Extracranial non-vestibular head and neck schwannomas: a case series with the review of literature

Affiliations
Review

Extracranial non-vestibular head and neck schwannomas: a case series with the review of literature

Deviprasad Dosemane et al. Braz J Otorhinolaryngol. 2022 Nov-Dec.

Abstract

Introduction: Schwannomas are tumous that arise from Schwann cells. Schwannoma is one of the differential diagnosis for lateral neck swelling.

Objective: In this study, we aim to describe the incidence, presenting clinical features and management of extracranial, non-vestibular schwannomas of head and neck region, along with the review of the literature.

Methods: Patients treated at our tertiary care hospital for head and neck schwannomas for the past 15 years were included in the study. A review of literature on the extracranial head and neck schwannoma was also done.

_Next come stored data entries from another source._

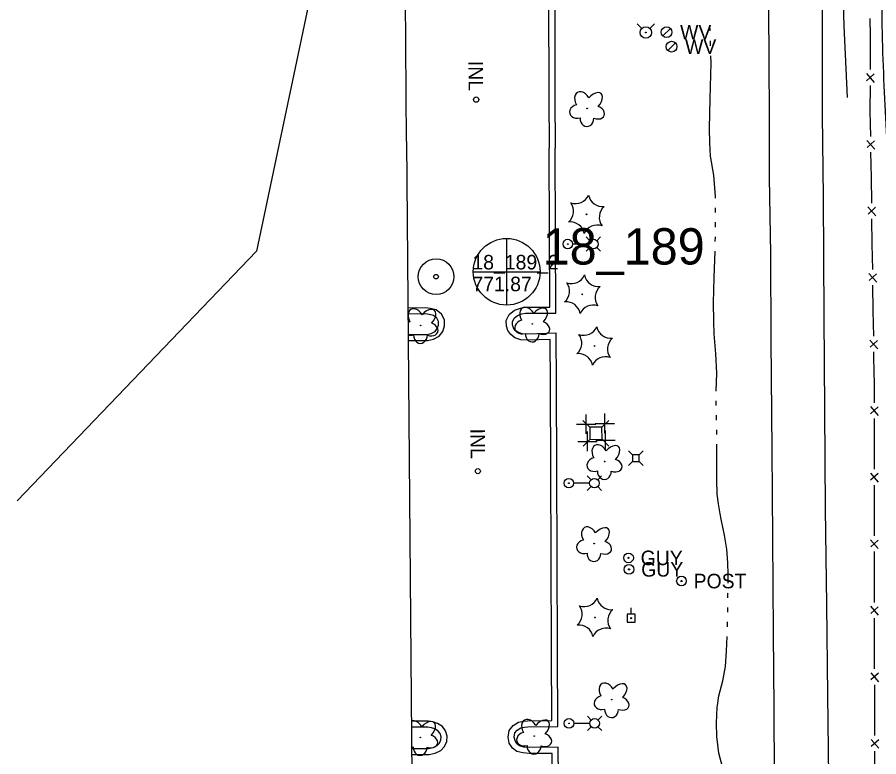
# Model space of a CAD drawing. Extents: x 589250 to 1188077, y 162953 to 363065.
# Drawn here: x 593591.2 to 593947.1, y 180909.9 to 181215.5 of the extents above; entities that cross this region are included whole.
import ezdxf

# ---------------------------------------------------------------- set-up
doc = ezdxf.new("R2010")
doc.units = 0
for name, color, linetype in [('E_BMGRD', 7, 'Continuous'), ('E_DRN', 7, 'Continuous'), ('E_DRN_DrainTile', 7, 'Continuous'), ('E_DRN_Text', 7, 'Continuous'), ('E_DWY', 7, 'Continuous'), ('E_FEN_P', 7, 'Continuous'), ('E_LAND_Vegetation', 7, 'Continuous'), ('E_LTG', 7, 'Continuous'), ('E_MAP_Limits', 7, 'Continuous'), ('E_MAP_PassPoints', 7, 'Continuous'), ('E_MAP_PhotoCenter', 7, 'Continuous'), ('E_MISCPROP', 7, 'Continuous'), ('E_RDWY', 7, 'Continuous'), ('E_UTL_AG_Bold', 7, 'Continuous'), ('E_UTL_EGuyWire', 7, 'Continuous'), ('E_UTL_EPowerPole', 7, 'Continuous'), ('E_UTL_ETransformer', 7, 'Continuous'), ('E_UTL_W', 7, 'Continuous'), ('E_UTL_WHydrant', 7, 'Continuous'), ('E_WTR_FlowLine', 7, 'Continuous')]:
    doc.layers.add(name, color=color, linetype=linetype)

msp = doc.modelspace()

# ---------------------------------------------------------------- linework, layer by layer
at = {"layer": 'E_BMGRD'}
msp.add_lwpolyline([(593924.39, 182344.7), (593923.24, 182286.51), (593924.08, 182206.11), (593924.82, 182135.76), (593924.82, 182135.76), (593925.33, 182055.84), (593926.54, 181972.22), (593927.35, 181915.72), (593926.57, 181866.09), (593927.39, 181794.8), (593928.01, 181731.69), (593928.37, 181656.5), (593929.07, 181582.36), (593929.63, 181522.57), (593929.94, 181488.58), (593930.68, 181409.87), (593931.07, 181322.75), (593931.43, 181252.02), (593932.66, 181211.87), (593934.07, 181182.37)], dxfattribs=at)
at = {"layer": 'E_DRN'}
for centre, radius in [((593780.79, 181181.44), 1.1), ((593781.47, 181027.91), 1.04)]:
    msp.add_circle(centre, radius, dxfattribs=at)
at = {"layer": 'E_DRN_DrainTile'}
msp.add_lwpolyline([(593855.51, 181445.46), (593741.62, 181363.8), (593690.05, 181118.84), (593591.21, 181015.69)], dxfattribs=at)
at = {"layer": 'E_DWY'}
for p, q in [((593810.71, 181224.63), (593810.79, 181182.72)), ((593813.21, 181224.64), (593813.29, 181182.72)), ((593810.79, 181182.72), (593810.87, 181161.35)), ((593813.29, 181182.72), (593813.37, 181161.36)), ((593811.04, 181126.11), (593810.87, 181161.35)), ((593813.54, 181126.12), (593813.37, 181161.36)), ((593811.2, 181095.72), (593811.04, 181126.11)), ((593813.71, 181093.23), (593813.54, 181126.12)), ((593759.84, 181095.45), (593752.55, 181095.23)), ((593761.83, 181095.17), (593759.84, 181095.45)), ((593764.31, 181094.53), (593761.83, 181095.17)), ((593796.67, 181094.49), (593799.03, 181095.31)), ((593799.03, 181095.31), (593800.91, 181095.66)), ((593800.91, 181095.66), (593811.2, 181095.72)), ((593759.7, 181092.94), (593752.57, 181092.73)), ((593761.34, 181092.71), (593759.7, 181092.94)), ((593763.16, 181092.24), (593761.34, 181092.71)), ((593764.5, 181091.16), (593763.16, 181092.24)), ((593766.5, 181092.75), (593764.31, 181094.53)), ((593767.64, 181090.4), (593766.5, 181092.75)), ((593793.22, 181090.17), (593794.39, 181092.68)), ((593794.39, 181092.68), (593796.67, 181094.49)), ((593796.41, 181091.08), (593797.9, 181092.27)), ((593797.9, 181092.27), (593799.67, 181092.89)), ((593799.67, 181092.89), (593801.15, 181093.16)), ((593801.15, 181093.16), (593813.71, 181093.23)), ((593765.15, 181089.8), (593764.5, 181091.16)), ((593764.72, 181086.86), (593765.19, 181088.27)), ((593765.19, 181088.27), (593765.15, 181089.8)), ((593766.97, 181085.69), (593767.7, 181087.9)), ((593767.7, 181087.9), (593767.64, 181090.4)), ((593793.29, 181087.88), (593793.22, 181090.17)), ((593793.91, 181086.07), (593793.29, 181087.88)), ((593795.74, 181089.65), (593796.41, 181091.08)), ((593795.78, 181088.33), (593795.74, 181089.65)), ((593796.17, 181087.18), (593795.78, 181088.33)), ((593752.64, 181084.37), (593760.36, 181084.37)), ((593760.36, 181084.37), (593762.25, 181084.75)), ((593762.25, 181084.75), (593763.82, 181085.67)), ((593763.82, 181085.67), (593764.72, 181086.86)), ((593765.52, 181083.76), (593766.97, 181085.69)), ((593795.04, 181084.34), (593793.91, 181086.07)), ((593796.74, 181083.07), (593795.04, 181084.34)), ((593796.89, 181086.08), (593796.17, 181087.18)), ((593797.94, 181085.3), (593796.89, 181086.08)), ((593799.72, 181084.65), (593797.94, 181085.3)), ((593801.93, 181084.5), (593799.72, 181084.65)), ((593813.76, 181084.88), (593801.93, 181084.5)), ((593813.96, 181063.69), (593813.76, 181084.88)), ((593752.66, 181081.87), (593760.61, 181081.87)), ((593760.61, 181081.87), (593763.15, 181082.39)), ((593763.15, 181082.39), (593765.52, 181083.76)), ((593799.2, 181082.18), (593796.74, 181083.07)), ((593801.88, 181082), (593799.2, 181082.18)), ((593811.28, 181082.3), (593801.88, 181082)), ((593811.46, 181063.67), (593811.28, 181082.3)), ((593811.57, 181028.59), (593811.46, 181063.69)), ((593814.07, 181028.6), (593813.96, 181063.69)), ((593811.74, 180991.64), (593811.57, 181028.59)), ((593814.24, 180991.65), (593814.07, 181028.6)), ((593811.86, 180953.69), (593811.74, 180991.64)), ((593814.36, 180953.71), (593814.24, 180991.65)), ((593812.04, 180924.84), (593811.86, 180953.69)), ((593814.56, 180922.35), (593814.36, 180953.71)), ((593759.93, 180924.66), (593753.99, 180924.61)), ((593761, 180924.6), (593759.93, 180924.66)), ((593762.86, 180924.32), (593761, 180924.6)), ((593764.76, 180923.7), (593762.86, 180924.32)), ((593796.04, 180922.84), (593798.26, 180924.17)), ((593798.26, 180924.17), (593800.29, 180924.62)), ((593800.29, 180924.62), (593801.94, 180924.8)), ((593801.94, 180924.8), (593812.04, 180924.84)), ((593759.87, 180922.16), (593754.01, 180922.11)), ((593760.76, 180922.11), (593759.87, 180922.16)), ((593762.28, 180921.88), (593760.76, 180922.11)), ((593763.69, 180921.42), (593762.28, 180921.88)), ((593765.11, 180920.52), (593763.69, 180921.42)), ((593766.83, 180922.39), (593764.76, 180923.7)), ((593765.86, 180919.53), (593765.11, 180920.52)), ((593768.14, 180920.68), (593766.83, 180922.39)), ((593768.78, 180918.45), (593768.14, 180920.68)), ((593793.99, 180918.02), (593794.41, 180920.81)), ((593794.41, 180920.81), (593796.04, 180922.84)), ((593796.78, 180919.77), (593797.71, 180920.93)), ((593797.71, 180920.93), (593799.2, 180921.82)), ((593799.2, 180921.82), (593800.7, 180922.15)), ((593800.7, 180922.15), (593802.09, 180922.3)), ((593802.09, 180922.3), (593814.56, 180922.35)), ((593766.26, 180918.17), (593765.86, 180919.53)), ((593766.18, 180916.85), (593766.26, 180918.17)), ((593768.64, 180916.23), (593768.78, 180918.45)), ((593794.45, 180915.53), (593793.99, 180918.02)), ((593796.52, 180918.06), (593796.78, 180919.77)), ((593796.82, 180916.47), (593796.52, 180918.06)), ((593754.08, 180913.38), (593761.15, 180913.37)), ((593761.15, 180913.37), (593762.98, 180913.72)), ((593762.98, 180913.72), (593764.61, 180914.55)), ((593764.61, 180914.55), (593765.57, 180915.54)), ((593765.57, 180915.54), (593766.18, 180916.85)), ((593766.11, 180912.51), (593767.66, 180914.1)), ((593767.66, 180914.1), (593768.64, 180916.23)), ((593795.76, 180913.49), (593794.45, 180915.53)), ((593797.59, 180912.12), (593795.76, 180913.49)), ((593797.62, 180915.22), (593796.82, 180916.47)), ((593798.7, 180914.41), (593797.62, 180915.22)), ((593800.52, 180913.94), (593798.7, 180914.41)), ((593802.84, 180913.73), (593800.52, 180913.94)), ((593814.69, 180913.81), (593802.84, 180913.73)), ((593814.76, 180881.69), (593814.69, 180913.81)), ((593754.1, 180910.88), (593761.39, 180910.87)), ((593761.39, 180910.87), (593763.8, 180911.34)), ((593763.8, 180911.34), (593766.11, 180912.51)), ((593800.09, 180911.47), (593797.59, 180912.12)), ((593802.73, 180911.23), (593800.09, 180911.47)), ((593812.2, 180911.3), (593802.73, 180911.23)), ((593812.26, 180881.68), (593812.2, 180911.3))]:
    msp.add_line(p, q, dxfattribs=at)
at = {"layer": 'E_FEN_P'}
for p, q in [((593943.36, 181214.95), (593943.5, 181207.68)), ((593943.5, 181207.68), (593943.49, 181204.39)), ((593943.49, 181204.39), (593943.47, 181193.82)), ((593941.99, 181192.2), (593945.19, 181188.52)), ((593945.19, 181192.03), (593942.05, 181189.26)), ((593943.46, 181187.28), (593943.44, 181176.72)), ((593943.44, 181176.72), (593943.6, 181166.22)), ((593942.16, 181164.58), (593945.4, 181160.97)), ((593945.34, 181164.46), (593942.26, 181161.66)), ((593943.7, 181159.72), (593943.86, 181149.22)), ((593943.86, 181149.22), (593944.01, 181138.72)), ((593942.57, 181137.08), (593945.81, 181133.47)), ((593945.76, 181136.96), (593942.68, 181134.16)), ((593944.11, 181132.22), (593944.27, 181121.72)), ((593944.27, 181121.72), (593944.43, 181111.21)), ((593942.98, 181109.58), (593946.22, 181105.97)), ((593946.17, 181109.46), (593943.09, 181106.66)), ((593944.52, 181104.71), (593944.68, 181094.21)), ((593944.68, 181094.21), (593944.84, 181083.71)), ((593943.39, 181082.07), (593946.63, 181078.46)), ((593946.58, 181081.95), (593943.5, 181079.16)), ((593944.94, 181077.21), (593945.09, 181066.71)), ((593945.09, 181066.71), (593945.1, 181066.15)), ((593945.1, 181066.15), (593945.11, 181056.21)), ((593943.64, 181054.59), (593946.82, 181050.94)), ((593946.82, 181054.43), (593943.7, 181051.67)), ((593945.11, 181049.71), (593945.11, 181039.21)), ((593945.11, 181039.21), (593945.12, 181028.7)), ((593943.65, 181027.09), (593946.83, 181023.43)), ((593946.83, 181026.92), (593943.71, 181024.17)), ((593945.12, 181022.2), (593945.13, 181011.7)), ((593945.13, 181011.7), (593945.13, 181001.2)), ((593943.66, 180999.58), (593946.85, 180995.92)), ((593946.84, 180999.41), (593943.73, 180996.66)), ((593945.13, 180994.7), (593945.14, 180984.19)), ((593945.14, 180984.19), (593945.14, 180973.69)), ((593943.67, 180972.07), (593946.86, 180968.42)), ((593946.86, 180971.91), (593943.74, 180969.16)), ((593945.15, 180967.19), (593945.19, 180956.69)), ((593945.19, 180956.69), (593945.22, 180946.19)), ((593943.76, 180944.56), (593946.96, 180940.92)), ((593946.94, 180944.41), (593943.84, 180941.65)), ((593945.25, 180939.69), (593945.28, 180929.18)), ((593945.28, 180929.18), (593945.32, 180918.68)), ((593943.86, 180917.06), (593947.05, 180913.41)), ((593947.04, 180916.9), (593943.93, 180914.14)), ((593945.34, 180912.18), (593945.38, 180901.68))]:
    msp.add_line(p, q, dxfattribs=at)
at = {"layer": 'E_LAND_Vegetation'}
for centre, radius in [((593826.64, 181177.79), 0.128), ((593826.3, 181134.03), 0.167), ((593824.62, 181101), 0.167), ((593757.84, 181088.16), 0.128), ((593803.97, 181088.75), 0.128), ((593829.7, 181079.62), 0.167), ((593833.81, 181031.93), 0.128), ((593829.52, 180997.99), 0.128), ((593829.87, 180967.49), 0.167), ((593836.77, 180933.52), 0.128), ((593757.7, 180917.91), 0.128), ((593804.77, 180918.48), 0.128)]:
    msp.add_circle(centre, radius, dxfattribs=at)
for centre, radius, start, end in [((593821.8, 181144.37), 5.9, 250.6568, 336.4217), ((593833.01, 181143.11), 5.91, 190.6965, 276.3726), ((593815.1, 181135.3), 5.9, 310.6568, 36.4217), ((593837.51, 181132.77), 5.9, 130.6568, 216.4217), ((593819.65, 181125), 5.9, 10.6521, 96.4171), ((593830.8, 181123.7), 5.9, 70.6568, 156.4217), ((593813.42, 181102.27), 5.9, 310.6568, 36.4217), ((593820.12, 181111.34), 5.9, 250.6568, 336.4217), ((593831.32, 181110.07), 5.91, 190.6965, 276.3726), ((593835.82, 181099.73), 5.9, 130.6568, 216.4217), ((593817.97, 181091.97), 5.9, 10.6521, 96.4171), ((593829.12, 181090.66), 5.9, 70.6568, 156.4217), ((593818.5, 181080.89), 5.9, 310.6568, 36.4217), ((593825.2, 181089.96), 5.9, 250.6568, 336.4217), ((593836.41, 181088.7), 5.91, 190.6965, 276.3726), ((593840.91, 181078.36), 5.9, 130.6568, 216.4217), ((593823.05, 181070.59), 5.9, 10.6521, 96.4171), ((593834.21, 181069.29), 5.9, 70.6568, 156.4217), ((593825.36, 180977.83), 5.9, 250.6568, 336.4217), ((593836.57, 180976.57), 5.91, 190.6965, 276.3726), ((593818.66, 180968.76), 5.9, 310.6568, 36.4217), ((593841.07, 180966.22), 5.9, 130.6568, 216.4217), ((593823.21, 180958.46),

Results: Twenty-five cases were assessed in this study. Nineteen cases presented as a neck swelling during the initial evaluation. Vagus nerve was the most common nerve of origin, followed by the cervical sympathetic plexus. A rare presentation arising from brachial plexus C5 nerve root was also encountered. A few rare cases of schwannomas arose from the nasal cavity, paranasal sinuses, and oral cavity. Surgical excision was done in all the cases with histopathology suggestive of schwannoma. The nerve of origin of the tumor was identified in nineteen patients. Among them, 11 (58%) were from the vagus nerve, 7 (37%) from the cervical sympathetic chain, and 1 (4%) from the brachial plexus C5 nerve root.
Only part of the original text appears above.